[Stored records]
►
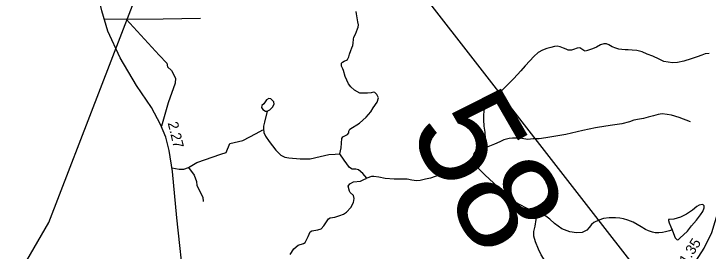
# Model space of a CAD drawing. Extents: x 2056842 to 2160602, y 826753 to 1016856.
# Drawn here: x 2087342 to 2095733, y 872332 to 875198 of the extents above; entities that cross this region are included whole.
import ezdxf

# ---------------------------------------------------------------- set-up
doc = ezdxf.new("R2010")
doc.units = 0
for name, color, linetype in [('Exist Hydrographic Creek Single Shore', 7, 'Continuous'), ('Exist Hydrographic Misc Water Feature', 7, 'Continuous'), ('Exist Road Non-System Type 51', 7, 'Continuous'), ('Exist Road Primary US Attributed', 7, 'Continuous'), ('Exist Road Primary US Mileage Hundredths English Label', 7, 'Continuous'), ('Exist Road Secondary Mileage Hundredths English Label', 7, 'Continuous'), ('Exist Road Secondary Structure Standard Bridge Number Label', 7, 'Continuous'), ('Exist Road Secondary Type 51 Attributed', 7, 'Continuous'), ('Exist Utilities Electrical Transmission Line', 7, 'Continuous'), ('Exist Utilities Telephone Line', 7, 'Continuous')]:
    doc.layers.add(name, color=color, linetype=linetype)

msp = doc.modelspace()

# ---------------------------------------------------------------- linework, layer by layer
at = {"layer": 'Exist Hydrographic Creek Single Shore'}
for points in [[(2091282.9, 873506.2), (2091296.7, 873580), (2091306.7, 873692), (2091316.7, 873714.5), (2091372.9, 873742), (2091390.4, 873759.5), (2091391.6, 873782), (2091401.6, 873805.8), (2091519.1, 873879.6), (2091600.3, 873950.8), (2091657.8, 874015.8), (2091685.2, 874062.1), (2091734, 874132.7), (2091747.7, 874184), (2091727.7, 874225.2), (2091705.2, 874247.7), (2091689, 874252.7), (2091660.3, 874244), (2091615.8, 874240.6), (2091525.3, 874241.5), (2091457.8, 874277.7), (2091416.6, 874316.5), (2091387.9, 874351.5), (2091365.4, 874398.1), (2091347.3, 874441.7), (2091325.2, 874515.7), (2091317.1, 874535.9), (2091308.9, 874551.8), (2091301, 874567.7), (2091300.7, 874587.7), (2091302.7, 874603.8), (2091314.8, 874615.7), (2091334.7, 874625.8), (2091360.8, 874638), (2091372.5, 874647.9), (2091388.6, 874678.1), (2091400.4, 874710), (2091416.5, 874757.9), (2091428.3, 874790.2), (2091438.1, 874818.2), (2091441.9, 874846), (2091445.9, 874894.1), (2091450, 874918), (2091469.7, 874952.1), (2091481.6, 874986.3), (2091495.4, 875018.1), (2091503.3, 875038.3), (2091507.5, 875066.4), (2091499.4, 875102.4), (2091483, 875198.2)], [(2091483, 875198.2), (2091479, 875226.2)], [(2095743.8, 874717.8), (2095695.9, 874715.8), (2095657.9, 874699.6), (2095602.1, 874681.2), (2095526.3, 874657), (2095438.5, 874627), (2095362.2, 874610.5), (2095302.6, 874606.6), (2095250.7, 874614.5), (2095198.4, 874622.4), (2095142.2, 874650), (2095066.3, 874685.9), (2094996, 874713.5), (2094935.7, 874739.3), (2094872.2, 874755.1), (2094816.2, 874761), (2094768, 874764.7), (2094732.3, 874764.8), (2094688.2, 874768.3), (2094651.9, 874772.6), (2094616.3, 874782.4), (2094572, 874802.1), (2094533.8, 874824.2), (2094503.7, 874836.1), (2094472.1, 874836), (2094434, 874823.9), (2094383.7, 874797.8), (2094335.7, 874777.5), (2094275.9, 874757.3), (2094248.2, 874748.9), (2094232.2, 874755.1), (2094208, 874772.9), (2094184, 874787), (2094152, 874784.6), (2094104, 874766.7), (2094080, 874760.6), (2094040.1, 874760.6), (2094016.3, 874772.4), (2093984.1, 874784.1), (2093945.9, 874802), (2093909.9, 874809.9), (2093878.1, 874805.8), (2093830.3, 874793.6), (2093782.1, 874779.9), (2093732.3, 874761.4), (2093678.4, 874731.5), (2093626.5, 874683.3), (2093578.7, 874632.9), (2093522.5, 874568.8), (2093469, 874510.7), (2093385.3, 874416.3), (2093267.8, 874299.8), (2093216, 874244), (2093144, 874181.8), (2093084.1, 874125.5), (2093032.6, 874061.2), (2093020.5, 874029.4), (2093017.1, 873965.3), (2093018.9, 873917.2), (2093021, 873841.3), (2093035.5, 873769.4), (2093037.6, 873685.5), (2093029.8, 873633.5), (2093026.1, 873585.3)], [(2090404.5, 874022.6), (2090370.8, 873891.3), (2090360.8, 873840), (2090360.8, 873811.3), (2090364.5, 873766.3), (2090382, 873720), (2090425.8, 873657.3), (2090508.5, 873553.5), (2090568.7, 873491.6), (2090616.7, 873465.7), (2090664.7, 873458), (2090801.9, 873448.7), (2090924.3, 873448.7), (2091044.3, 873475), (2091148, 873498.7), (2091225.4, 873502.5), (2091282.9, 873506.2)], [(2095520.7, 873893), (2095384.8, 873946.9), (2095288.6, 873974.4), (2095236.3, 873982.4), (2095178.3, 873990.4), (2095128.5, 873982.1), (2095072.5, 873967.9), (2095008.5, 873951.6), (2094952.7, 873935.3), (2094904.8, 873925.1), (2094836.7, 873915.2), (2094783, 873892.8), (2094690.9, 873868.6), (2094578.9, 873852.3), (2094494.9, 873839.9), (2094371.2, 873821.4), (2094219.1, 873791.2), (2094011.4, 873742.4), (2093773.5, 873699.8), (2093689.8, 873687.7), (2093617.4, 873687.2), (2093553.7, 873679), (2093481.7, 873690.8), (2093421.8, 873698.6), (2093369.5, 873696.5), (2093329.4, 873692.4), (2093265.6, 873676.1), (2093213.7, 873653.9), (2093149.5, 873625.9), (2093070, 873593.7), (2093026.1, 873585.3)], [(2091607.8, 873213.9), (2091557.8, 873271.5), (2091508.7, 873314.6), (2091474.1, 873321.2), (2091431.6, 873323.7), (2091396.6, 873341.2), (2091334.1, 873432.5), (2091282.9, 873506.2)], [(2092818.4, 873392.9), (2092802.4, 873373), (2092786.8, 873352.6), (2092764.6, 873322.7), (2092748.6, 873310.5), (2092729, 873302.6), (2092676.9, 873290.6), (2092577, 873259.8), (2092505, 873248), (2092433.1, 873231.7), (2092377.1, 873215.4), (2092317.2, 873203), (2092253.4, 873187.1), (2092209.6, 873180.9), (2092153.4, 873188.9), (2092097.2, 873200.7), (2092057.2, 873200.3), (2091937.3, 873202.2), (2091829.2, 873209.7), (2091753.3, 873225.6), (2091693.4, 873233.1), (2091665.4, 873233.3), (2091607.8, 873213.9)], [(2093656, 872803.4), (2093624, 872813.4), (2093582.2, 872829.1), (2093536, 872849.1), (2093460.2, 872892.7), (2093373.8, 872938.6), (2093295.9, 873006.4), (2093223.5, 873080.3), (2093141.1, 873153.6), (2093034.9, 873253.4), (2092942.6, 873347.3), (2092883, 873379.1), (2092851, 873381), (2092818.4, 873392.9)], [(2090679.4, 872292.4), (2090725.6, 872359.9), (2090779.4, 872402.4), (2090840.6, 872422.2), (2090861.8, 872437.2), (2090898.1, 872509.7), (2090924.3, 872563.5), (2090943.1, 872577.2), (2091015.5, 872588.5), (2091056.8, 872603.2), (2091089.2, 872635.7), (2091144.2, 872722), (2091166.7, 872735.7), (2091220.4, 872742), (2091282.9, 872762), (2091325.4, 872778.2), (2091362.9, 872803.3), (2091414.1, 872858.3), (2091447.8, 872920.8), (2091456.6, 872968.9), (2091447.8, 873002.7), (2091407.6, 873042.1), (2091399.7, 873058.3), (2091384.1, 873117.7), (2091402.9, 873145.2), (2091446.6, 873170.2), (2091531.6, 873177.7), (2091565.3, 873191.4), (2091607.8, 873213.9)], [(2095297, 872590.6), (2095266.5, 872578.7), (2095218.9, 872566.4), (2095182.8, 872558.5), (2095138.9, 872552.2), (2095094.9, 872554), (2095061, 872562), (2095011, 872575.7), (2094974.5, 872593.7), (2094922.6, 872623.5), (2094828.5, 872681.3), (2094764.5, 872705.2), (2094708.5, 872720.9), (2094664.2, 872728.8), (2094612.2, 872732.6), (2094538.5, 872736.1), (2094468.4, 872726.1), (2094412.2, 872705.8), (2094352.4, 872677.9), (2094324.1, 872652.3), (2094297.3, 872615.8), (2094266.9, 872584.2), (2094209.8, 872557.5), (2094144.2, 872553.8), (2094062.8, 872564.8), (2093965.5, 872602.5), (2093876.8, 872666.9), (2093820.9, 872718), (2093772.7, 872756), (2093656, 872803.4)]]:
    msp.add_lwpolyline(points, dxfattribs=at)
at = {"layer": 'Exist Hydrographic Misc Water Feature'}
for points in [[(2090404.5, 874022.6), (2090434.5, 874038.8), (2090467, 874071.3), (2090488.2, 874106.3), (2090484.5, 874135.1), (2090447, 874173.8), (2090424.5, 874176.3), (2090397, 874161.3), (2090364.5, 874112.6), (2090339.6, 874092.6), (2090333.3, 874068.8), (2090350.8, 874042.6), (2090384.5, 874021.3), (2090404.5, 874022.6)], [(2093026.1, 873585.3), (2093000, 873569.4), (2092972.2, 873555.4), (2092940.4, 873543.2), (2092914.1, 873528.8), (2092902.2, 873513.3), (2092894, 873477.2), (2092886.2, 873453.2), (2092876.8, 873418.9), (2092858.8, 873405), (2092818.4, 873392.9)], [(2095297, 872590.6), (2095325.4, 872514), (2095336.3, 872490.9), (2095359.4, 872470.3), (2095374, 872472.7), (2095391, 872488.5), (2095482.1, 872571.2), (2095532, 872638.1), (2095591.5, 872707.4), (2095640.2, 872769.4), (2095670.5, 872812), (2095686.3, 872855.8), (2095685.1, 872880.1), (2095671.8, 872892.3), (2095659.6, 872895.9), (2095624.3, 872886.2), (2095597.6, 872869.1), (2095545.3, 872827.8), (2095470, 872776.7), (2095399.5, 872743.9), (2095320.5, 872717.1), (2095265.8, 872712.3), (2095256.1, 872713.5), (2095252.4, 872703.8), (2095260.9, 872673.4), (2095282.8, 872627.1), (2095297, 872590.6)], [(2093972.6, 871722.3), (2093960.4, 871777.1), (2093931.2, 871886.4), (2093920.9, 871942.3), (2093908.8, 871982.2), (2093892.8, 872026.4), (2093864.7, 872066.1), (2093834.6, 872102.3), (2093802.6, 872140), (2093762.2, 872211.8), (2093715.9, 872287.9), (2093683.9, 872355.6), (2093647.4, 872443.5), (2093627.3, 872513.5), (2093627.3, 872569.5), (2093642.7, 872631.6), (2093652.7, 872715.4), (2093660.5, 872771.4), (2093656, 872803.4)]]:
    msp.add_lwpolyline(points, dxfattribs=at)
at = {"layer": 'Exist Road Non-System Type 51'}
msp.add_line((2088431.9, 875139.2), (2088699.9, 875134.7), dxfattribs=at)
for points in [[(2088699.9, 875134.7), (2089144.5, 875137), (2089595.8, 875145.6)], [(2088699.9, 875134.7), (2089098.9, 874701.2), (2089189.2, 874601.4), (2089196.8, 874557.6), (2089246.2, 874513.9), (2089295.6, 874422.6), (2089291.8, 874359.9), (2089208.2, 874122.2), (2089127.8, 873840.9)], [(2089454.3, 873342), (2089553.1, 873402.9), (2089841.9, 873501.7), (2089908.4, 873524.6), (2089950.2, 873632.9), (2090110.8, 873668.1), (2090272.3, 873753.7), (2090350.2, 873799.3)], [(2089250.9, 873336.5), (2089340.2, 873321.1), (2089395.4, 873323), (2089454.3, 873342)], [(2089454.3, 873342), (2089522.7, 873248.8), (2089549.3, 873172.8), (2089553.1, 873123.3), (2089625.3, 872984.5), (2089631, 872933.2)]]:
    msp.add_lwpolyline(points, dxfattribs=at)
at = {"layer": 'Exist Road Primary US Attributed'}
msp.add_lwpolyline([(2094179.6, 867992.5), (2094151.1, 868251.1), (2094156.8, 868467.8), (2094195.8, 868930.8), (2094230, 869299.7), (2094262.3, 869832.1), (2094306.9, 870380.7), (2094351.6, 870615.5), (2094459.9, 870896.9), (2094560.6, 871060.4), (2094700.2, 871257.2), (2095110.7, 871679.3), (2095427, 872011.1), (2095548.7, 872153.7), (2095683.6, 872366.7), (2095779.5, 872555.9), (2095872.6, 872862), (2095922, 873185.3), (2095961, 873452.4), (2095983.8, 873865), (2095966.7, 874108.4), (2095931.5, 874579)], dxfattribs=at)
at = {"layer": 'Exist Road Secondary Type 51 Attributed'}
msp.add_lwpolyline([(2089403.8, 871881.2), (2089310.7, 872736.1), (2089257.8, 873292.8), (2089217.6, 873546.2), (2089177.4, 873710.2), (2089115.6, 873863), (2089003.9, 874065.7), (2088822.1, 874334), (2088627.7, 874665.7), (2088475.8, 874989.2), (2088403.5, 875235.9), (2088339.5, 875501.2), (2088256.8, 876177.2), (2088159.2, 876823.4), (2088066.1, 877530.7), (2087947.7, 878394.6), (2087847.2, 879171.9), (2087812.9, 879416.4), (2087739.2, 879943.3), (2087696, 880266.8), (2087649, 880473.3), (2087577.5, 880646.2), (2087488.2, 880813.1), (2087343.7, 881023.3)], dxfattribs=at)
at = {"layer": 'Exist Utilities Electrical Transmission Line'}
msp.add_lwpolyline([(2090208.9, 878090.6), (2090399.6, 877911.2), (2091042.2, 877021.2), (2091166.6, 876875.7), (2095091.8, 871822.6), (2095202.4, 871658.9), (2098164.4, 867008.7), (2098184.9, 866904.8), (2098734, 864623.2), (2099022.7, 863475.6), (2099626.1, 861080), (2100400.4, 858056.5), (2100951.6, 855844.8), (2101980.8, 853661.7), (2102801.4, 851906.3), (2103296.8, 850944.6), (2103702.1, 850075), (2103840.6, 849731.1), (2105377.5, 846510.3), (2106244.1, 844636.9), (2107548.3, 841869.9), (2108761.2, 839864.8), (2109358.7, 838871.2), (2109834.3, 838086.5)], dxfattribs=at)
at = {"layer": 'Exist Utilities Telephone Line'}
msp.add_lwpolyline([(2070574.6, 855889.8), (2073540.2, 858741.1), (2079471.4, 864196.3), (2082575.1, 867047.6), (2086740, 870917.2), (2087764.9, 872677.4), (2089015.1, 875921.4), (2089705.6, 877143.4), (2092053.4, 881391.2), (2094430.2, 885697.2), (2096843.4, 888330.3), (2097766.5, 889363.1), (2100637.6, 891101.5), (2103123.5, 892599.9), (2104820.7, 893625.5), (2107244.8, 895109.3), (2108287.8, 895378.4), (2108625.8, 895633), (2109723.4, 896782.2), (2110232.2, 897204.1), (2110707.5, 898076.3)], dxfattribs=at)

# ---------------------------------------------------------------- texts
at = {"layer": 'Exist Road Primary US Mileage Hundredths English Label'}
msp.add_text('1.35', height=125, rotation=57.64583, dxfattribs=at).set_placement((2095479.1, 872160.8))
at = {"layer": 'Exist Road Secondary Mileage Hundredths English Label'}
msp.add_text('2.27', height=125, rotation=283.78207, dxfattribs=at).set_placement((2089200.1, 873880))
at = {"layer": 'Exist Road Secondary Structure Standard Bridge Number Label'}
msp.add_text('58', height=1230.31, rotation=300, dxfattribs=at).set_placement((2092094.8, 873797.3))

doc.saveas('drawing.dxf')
◄
Begin at the first line of the entries and stop after the line holding "import ezdxf"; repeat those lines exactly, but not the pictures.

# Model space of a CAD drawing. Extents: x 2056842 to 2160602, y 826753 to 1016856.
# Drawn here: x 2087342 to 2095733, y 872332 to 875198 of the extents above; entities that cross this region are included whole.
import ezdxf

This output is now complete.